Wärmepumpen: Erneuerbare Energien effizient nutzen

Längst hat sich die Wärmepumpe als emissionsarme, effiziente und umweltschonende Heiztechnik etabliert. Darum wird eine Wärmepumpe in fast jedem Neubau zumindest in Betracht gezogen.



Wir leben in turbulenten Zeiten. Ganz Europa redet von der Energiewende. Doch ob und wann sie zur Tatsache wird, ist mehr oder weniger ungewiss: Was jedoch zurzeit jeder Haushalt eindrücklich zu spüren kriegt, sind stark volatile Energiepreise. Da ist es gut zu wissen, dass mit Wärmepumpen eine echte Alternative zur Verfügung steht. Denn Wärmepumpen zeichnen sich nicht nur durch einen bis zu 90% geringeren CO2-Ausstoss aus, sie sind auch äussert betriebssicher, langlebig und nahezu wartungsfrei. Dabei unterscheiden wir verschiede Arten von Wärmepumpen – welche die passende ist, wissen die Fachleute. Mit unserem Know-how beraten wir Interessierte und führen Projekte sicher zum Erfolg.
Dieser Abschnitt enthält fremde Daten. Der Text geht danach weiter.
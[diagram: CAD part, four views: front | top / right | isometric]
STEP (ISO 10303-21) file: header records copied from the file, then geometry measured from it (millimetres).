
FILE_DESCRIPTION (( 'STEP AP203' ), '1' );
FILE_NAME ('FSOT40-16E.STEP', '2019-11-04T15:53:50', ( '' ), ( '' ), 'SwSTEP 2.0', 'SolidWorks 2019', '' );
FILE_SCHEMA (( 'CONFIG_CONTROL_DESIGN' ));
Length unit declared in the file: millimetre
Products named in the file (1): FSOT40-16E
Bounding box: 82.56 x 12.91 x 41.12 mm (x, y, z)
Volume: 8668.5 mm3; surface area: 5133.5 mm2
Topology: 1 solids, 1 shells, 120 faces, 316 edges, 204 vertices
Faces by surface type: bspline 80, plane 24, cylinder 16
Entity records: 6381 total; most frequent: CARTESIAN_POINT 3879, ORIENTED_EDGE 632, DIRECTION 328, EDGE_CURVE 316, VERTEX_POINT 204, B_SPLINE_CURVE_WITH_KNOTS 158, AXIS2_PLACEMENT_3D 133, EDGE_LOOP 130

Auf die Richtige kommt es an

Für kleine Grundstücke eignen sich oft Luft-Wasser-Wärmepumpen am besten, grosse Grundstücke bieten genügend Platz für Erd- oder Grundwasserwärmepumpen. Doch betrachten wir das in der Schweiz am häufigsten genutzte System, die Luft-Wasser-Wärmepumpe, etwas genauer.


Luft steht überall uneingeschränkt und kostenlos zur Verfügung, zudem ist die Installation relativ kostengünstig. Die Aussenluft wird mithilfe eines Ansaugventilators über einen Luftkanal zum Verdampfer befördert. Die Luft-Wasser-Wärmepumpe eignet sich besonders gut im Neubau, im Zuge einer Modernisierung oder für den Austausch des bestehenden Heizsystems.


Wie funktioniert eine Wärmepumpe überhaupt?

Wir kennen das Prinzip bestens aus dem Alltag: Denn es funktioniert wie beim Kühlschrank – einfach umgekehrt. Statt dass dem Innenraum Wärme entzogen wird, um zu kühlen, entzieht die Wärmepumpe der Umwelt Wärme, um zu heizen. Dabei kann die Wärmepumpe verschiedene Wärmequellen nutzen: die Umgebungsluft, das Erdreich und das Grundwasser – seltener auch Seen oder Flüsse. Da diese Temperaturen jedoch zu tief sind für die Beheizung oder Warmwasseraufbereitung bedient sich die Wärmepumpe eines thermodynamischen Prozesses. Kurz gesagt, zirkuliert in der Wärmepumpe eine Kältemittelflüssigkeit, welche komprimiert wird, sich dadurch erhitzt, verdampft, Wärme an das Wasser im Heizsystem abgibt und sich wieder verflüssigt. Nach dem Abkühlen ist die Flüssigkeit bereit von neuem Wärme aufzunehmen und der Kreislauf beginnt von vorne. Die für den Betrieb der Wärmepumpe benötigte Energie ist elektrischer Strom. Wird diese über eine Photovoltaikanlage produziert, heizen Wärmepumpen energetisch zu 100% autark.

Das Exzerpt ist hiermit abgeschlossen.